# Kunst mit Koi



## bayernhoschi (24. Juli 2013)

Hallo mal ganz allgemein

Meine Frau hat mich heute mit einem selbstgemaltem Bild überrascht, das ich euch nicht vorenthalten möchte.
Hab mich tierisch gefreut:freu


----------



## Patrick K (24. Juli 2013)

*AW: Kunst mit Koi*

Hallo Ralph

sieht ja richtig gut aus 

gefällt mir sehr gut

Gruss Patrick


----------



## bayernhoschi (24. Juli 2013)

*AW: Kunst mit Koi*

Dankeschön, auch in Namen meines Frauchen.
Ihr macht malen Spaß und wenn so was dabei raus kommt,


----------



## Patrick K (24. Juli 2013)

*AW: Kunst mit Koi*

Hallo Ralph

Ich hab direkt neben meinem Teich eine strahlend weise Wand(ca. 3x3 meter neben der Palme) https://www.hobby-gartenteich.de/xf/threads/35253die ich am liebsten mit einem Showa bemalen würde,ich würde allerdings mit einem Beamer arbeiten.

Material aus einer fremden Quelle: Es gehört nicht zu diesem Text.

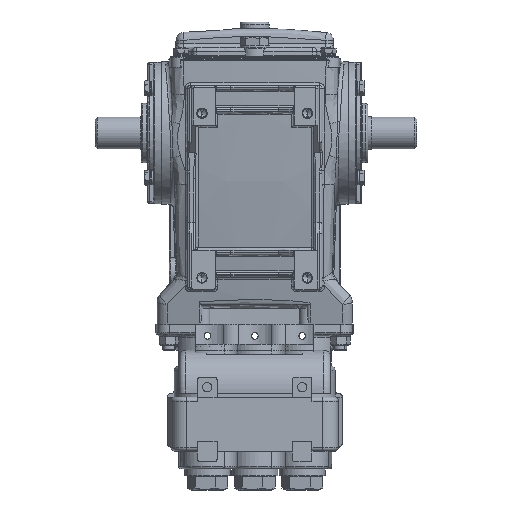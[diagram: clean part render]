
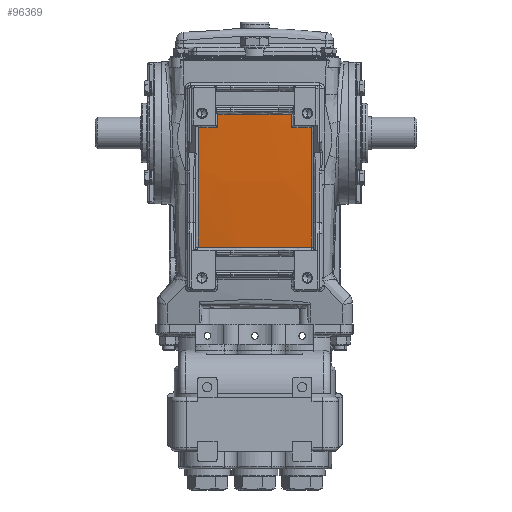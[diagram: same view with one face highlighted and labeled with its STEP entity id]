
A CAD part, front view. The second image highlights one B-rep face of the part: STEP entity #96369.
In plain terms, the highlighted spherical face has radius 1000 mm.
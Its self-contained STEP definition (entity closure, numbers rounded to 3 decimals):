
#12510 = CARTESIAN_POINT ( 'NONE',  ( 27.944, -57.255, 149.178 ) ) ;
#25452 = CARTESIAN_POINT ( 'NONE',  ( -42.914, -44.396, 58.359 ) ) ;
#34702 = CARTESIAN_POINT ( 'NONE',  ( 27.944, -58.095, 159.158 ) ) ;
#35272 = CARTESIAN_POINT ( 'NONE',  ( -27.944, -58.095, 159.158 ) ) ;
#51935 = SPHERICAL_SURFACE ( 'NONE', #51963, 1000. ) ;
#51961 = FACE_OUTER_BOUND ( 'NONE', #158116, .T. ) ;
#51963 = AXIS2_PLACEMENT_3D ( 'NONE', #142951, #142952, #142953 ) ;
#63887 = ORIENTED_EDGE ( 'NONE', *, *, #139200, .T. ) ;
#63972 = ORIENTED_EDGE ( 'NONE', *, *, #139190, .T. ) ;
#63984 = ORIENTED_EDGE ( 'NONE', *, *, #139204, .T. ) ;
#64003 = ORIENTED_EDGE ( 'NONE', *, *, #139183, .T. ) ;
#64031 = ORIENTED_EDGE ( 'NONE', *, *, #139222, .T. ) ;
#64047 = ORIENTED_EDGE ( 'NONE', *, *, #139216, .T. ) ;
#64072 = ORIENTED_EDGE ( 'NONE', *, *, #138971, .T. ) ;
#64141 = ORIENTED_EDGE ( 'NONE', *, *, #138969, .T. ) ;
#75582 = CARTESIAN_POINT ( 'NONE',  ( -42.914, -56.723, 149.178 ) ) ;
#96369 = ADVANCED_FACE ( 'NONE', ( #51961 ), #51935, .T. ) ;
#108721 = VERTEX_POINT ( 'NONE', #75582 ) ;
#108807 = VERTEX_POINT ( 'NONE', #141451 ) ;
#108855 = VERTEX_POINT ( 'NONE', #141877 ) ;
#109038 = VERTEX_POINT ( 'NONE', #25452 ) ;
#109213 = VERTEX_POINT ( 'NONE', #34702 ) ;
#109277 = VERTEX_POINT ( 'NONE', #35272 ) ;
#109385 = VERTEX_POINT ( 'NONE', #12510 ) ;
#109571 = VERTEX_POINT ( 'NONE', #155702 ) ;
#122551 = AXIS2_PLACEMENT_3D ( 'NONE', #165061, #165081, #165083 ) ;
#122579 = AXIS2_PLACEMENT_3D ( 'NONE', #165085, #165087, #165089 ) ;
#122648 = AXIS2_PLACEMENT_3D ( 'NONE', #166068, #166070, #166072 ) ;
#122651 = AXIS2_PLACEMENT_3D ( 'NONE', #166088, #166091, #166094 ) ;
#122654 = AXIS2_PLACEMENT_3D ( 'NONE', #166182, #166187, #166189 ) ;
#122656 = AXIS2_PLACEMENT_3D ( 'NONE', #166133, #166136, #166138 ) ;
#122658 = AXIS2_PLACEMENT_3D ( 'NONE', #166126, #166129, #166131 ) ;
#122661 = AXIS2_PLACEMENT_3D ( 'NONE', #166178, #166180, #166181 ) ;
#138969 = EDGE_CURVE ( 'NONE', #108807, #109571, #175446, .T. ) ;
#138971 = EDGE_CURVE ( 'NONE', #108855, #108721, #175448, .T. ) ;
#139183 = EDGE_CURVE ( 'NONE', #109385, #109213, #175570, .T. ) ;
#139190 = EDGE_CURVE ( 'NONE', #109213, #109277, #175580, .T. ) ;
#139200 = EDGE_CURVE ( 'NONE', #109571, #109385, #175587, .T. ) ;
#139204 = EDGE_CURVE ( 'NONE', #109277, #108855, #175590, .T. ) ;
#139216 = EDGE_CURVE ( 'NONE', #109038, #108807, #175596, .T. ) ;
#139222 = EDGE_CURVE ( 'NONE', #108721, #109038, #175600, .T. ) ;
#141451 = CARTESIAN_POINT ( 'NONE',  ( 42.914, -44.396, 58.359 ) ) ;
#141877 = CARTESIAN_POINT ( 'NONE',  ( -27.944, -57.255, 149.178 ) ) ;
#142951 = CARTESIAN_POINT ( 'NONE',  ( 0., 938.4, 238. ) ) ;
#142952 = DIRECTION ( 'NONE',  ( 0., 0.259, -0.966 ) ) ;
#142953 = DIRECTION ( 'NONE',  ( 0., -0.966, -0.259 ) ) ;
#155702 = CARTESIAN_POINT ( 'NONE',  ( 42.914, -56.723, 149.178 ) ) ;
#158116 = EDGE_LOOP ( 'NONE', ( #64072, #64031, #64047, #64141, #63887, #64003, #63972, #63984 ) ) ;
#165061 = CARTESIAN_POINT ( 'NONE',  ( 42.914, 938.4, 238. ) ) ;
#165081 = DIRECTION ( 'NONE',  ( -1., 0., 0. ) ) ;
#165083 = DIRECTION ( 'NONE',  ( 0., 0., 1. ) ) ;
#165085 = CARTESIAN_POINT ( 'NONE',  ( 0., 938.4, 149.178 ) ) ;
#165087 = DIRECTION ( 'NONE',  ( 0., 0., -1. ) ) ;
#165089 = DIRECTION ( 'NONE',  ( 1., 0., 0. ) ) ;
#166068 = CARTESIAN_POINT ( 'NONE',  ( 27.944, 938.4, 238. ) ) ;
#166070 = DIRECTION ( 'NONE',  ( -1., 0., 0. ) ) ;
#166072 = DIRECTION ( 'NONE',  ( 0., -1., 0. ) ) ;
#166088 = CARTESIAN_POINT ( 'NONE',  ( 0., 938.4, 159.158 ) ) ;
#166091 = DIRECTION ( 'NONE',  ( 0., 0., -1. ) ) ;
#166094 = DIRECTION ( 'NONE',  ( 1., 0., 0. ) ) ;
#166126 = CARTESIAN_POINT ( 'NONE',  ( 0., 938.4, 149.178 ) ) ;
#166129 = DIRECTION ( 'NONE',  ( 0., 0., -1. ) ) ;
#166131 = DIRECTION ( 'NONE',  ( 1., 0., 0. ) ) ;
#166133 = CARTESIAN_POINT ( 'NONE',  ( -27.944, 938.4, 238. ) ) ;
#166136 = DIRECTION ( 'NONE',  ( 1., 0., 0. ) ) ;
#166138 = DIRECTION ( 'NONE',  ( 0., 1., 0. ) ) ;
#166178 = CARTESIAN_POINT ( 'NONE',  ( 0., 938.4, 58.359 ) ) ;
#166180 = DIRECTION ( 'NONE',  ( 0., 0., 1. ) ) ;
#166181 = DIRECTION ( 'NONE',  ( 1., 0., 0. ) ) ;
#166182 = CARTESIAN_POINT ( 'NONE',  ( -42.914, 938.4, 238. ) ) ;
#166187 = DIRECTION ( 'NONE',  ( 1., 0., 0. ) ) ;
#166189 = DIRECTION ( 'NONE',  ( 0., 0., -1. ) ) ;
#175446 = CIRCLE ( 'NONE', #122551, 999.079 ) ;
#175448 = CIRCLE ( 'NONE', #122579, 996.047 ) ;
#175570 = CIRCLE ( 'NONE', #122648, 999.609 ) ;
#175580 = CIRCLE ( 'NONE', #122651, 996.887 ) ;
#175587 = CIRCLE ( 'NONE', #122658, 996.047 ) ;
#175590 = CIRCLE ( 'NONE', #122656, 999.609 ) ;
#175596 = CIRCLE ( 'NONE', #122661, 983.732 ) ;
#175600 = CIRCLE ( 'NONE', #122654, 999.079 ) ;

Noch ist das ja nur eine Idee, aber falls ihr mal in unserer Nähe Urlaub machen wolltet, mmmmmhhhh wie gesagt ich hätte da ne Wand zum austoben


Lieben Gruss Patrick


----------



## bayernhoschi (24. Juli 2013)

*AW: Kunst mit Koi*

hallo Patrick,
das mit dem Beamer ist ne tolle Idee.
Macht Frauchen auch wenn sie größere Flächen bemalt

Oder: Lad uns ein und biete mir als Lohn eine Goshiki


----------



## Moonlight (24. Juli 2013)

*AW: Kunst mit Koi*

Deine frau ist echt talentiert.
Mit farbe hab ich es noch nicht wirklich probiert,ist aber sicher nicht einfach.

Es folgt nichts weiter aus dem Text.